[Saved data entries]
----------------

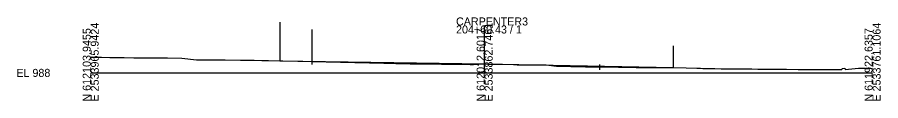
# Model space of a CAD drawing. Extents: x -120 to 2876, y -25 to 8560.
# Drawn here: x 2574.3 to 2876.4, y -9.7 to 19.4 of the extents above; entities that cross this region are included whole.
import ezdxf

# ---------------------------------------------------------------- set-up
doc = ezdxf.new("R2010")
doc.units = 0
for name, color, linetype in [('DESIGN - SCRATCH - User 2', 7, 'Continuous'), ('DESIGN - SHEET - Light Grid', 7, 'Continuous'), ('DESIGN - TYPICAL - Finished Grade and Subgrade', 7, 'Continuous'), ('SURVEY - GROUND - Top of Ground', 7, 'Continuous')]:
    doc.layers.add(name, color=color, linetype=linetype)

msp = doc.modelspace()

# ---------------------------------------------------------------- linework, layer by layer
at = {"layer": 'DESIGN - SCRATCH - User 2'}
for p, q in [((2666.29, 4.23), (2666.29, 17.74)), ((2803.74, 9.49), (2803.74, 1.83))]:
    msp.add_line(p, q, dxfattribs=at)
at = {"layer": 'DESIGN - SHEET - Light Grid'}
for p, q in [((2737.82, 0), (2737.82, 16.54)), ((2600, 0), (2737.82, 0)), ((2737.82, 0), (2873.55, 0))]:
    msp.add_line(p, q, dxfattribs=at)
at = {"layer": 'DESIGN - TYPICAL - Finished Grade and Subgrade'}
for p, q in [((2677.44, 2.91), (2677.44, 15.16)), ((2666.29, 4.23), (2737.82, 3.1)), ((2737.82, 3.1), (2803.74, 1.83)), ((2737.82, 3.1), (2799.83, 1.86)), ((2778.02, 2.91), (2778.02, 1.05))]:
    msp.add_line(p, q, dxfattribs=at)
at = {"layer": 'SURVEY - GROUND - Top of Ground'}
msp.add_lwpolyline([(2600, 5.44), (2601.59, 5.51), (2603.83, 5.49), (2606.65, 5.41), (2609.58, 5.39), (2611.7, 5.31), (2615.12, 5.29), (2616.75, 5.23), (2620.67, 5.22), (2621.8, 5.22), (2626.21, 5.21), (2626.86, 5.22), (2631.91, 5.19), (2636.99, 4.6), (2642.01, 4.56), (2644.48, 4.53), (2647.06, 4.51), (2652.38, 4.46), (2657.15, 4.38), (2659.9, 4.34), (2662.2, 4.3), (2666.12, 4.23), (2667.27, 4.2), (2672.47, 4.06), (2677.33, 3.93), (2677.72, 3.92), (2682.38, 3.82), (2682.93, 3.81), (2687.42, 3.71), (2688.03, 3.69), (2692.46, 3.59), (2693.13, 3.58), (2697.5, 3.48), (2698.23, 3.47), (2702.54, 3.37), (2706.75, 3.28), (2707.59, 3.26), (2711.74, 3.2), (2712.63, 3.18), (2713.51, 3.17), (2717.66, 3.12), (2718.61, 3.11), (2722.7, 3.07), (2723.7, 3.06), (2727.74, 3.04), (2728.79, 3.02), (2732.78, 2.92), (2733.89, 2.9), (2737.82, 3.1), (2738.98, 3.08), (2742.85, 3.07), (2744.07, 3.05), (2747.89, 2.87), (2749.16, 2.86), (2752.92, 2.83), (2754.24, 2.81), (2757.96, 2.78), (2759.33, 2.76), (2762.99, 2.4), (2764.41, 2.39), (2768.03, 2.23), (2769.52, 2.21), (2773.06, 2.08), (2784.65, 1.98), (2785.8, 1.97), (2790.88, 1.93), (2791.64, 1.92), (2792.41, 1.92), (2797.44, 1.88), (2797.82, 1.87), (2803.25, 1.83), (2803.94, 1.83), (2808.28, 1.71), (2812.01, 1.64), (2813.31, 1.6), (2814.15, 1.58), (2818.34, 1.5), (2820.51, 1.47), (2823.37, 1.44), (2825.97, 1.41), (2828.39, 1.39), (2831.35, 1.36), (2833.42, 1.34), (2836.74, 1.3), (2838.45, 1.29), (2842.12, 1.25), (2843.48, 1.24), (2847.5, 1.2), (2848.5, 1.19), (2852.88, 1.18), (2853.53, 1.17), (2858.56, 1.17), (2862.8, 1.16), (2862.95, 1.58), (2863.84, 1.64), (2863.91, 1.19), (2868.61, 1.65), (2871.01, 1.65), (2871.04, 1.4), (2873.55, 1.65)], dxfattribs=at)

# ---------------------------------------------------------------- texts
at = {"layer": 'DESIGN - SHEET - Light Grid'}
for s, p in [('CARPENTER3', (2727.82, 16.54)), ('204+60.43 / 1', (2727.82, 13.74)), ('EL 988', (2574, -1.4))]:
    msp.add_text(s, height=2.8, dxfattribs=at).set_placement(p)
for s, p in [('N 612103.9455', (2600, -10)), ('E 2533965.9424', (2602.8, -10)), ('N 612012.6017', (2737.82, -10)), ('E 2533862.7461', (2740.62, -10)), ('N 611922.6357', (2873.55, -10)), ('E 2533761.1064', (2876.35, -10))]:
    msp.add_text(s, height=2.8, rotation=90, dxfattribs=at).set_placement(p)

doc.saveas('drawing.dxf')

----------------

▶ _What this task involves_:
Write out only those lines that fall between the one containing "for s, p in [('N" and the end of the entries, the first and last included, exactly as they read.

▶ _Result of this task_:
for s, p in [('N 612103.9455', (2600, -10)), ('E 2533965.9424', (2602.8, -10)), ('N 612012.6017', (2737.82, -10)), ('E 2533862.7461', (2740.62, -10)), ('N 611922.6357', (2873.55, -10)), ('E 2533761.1064', (2876.35, -10))]:
    msp.add_text(s, height=2.8, rotation=90, dxfattribs=at).set_placement(p)

doc.saveas('drawing.dxf')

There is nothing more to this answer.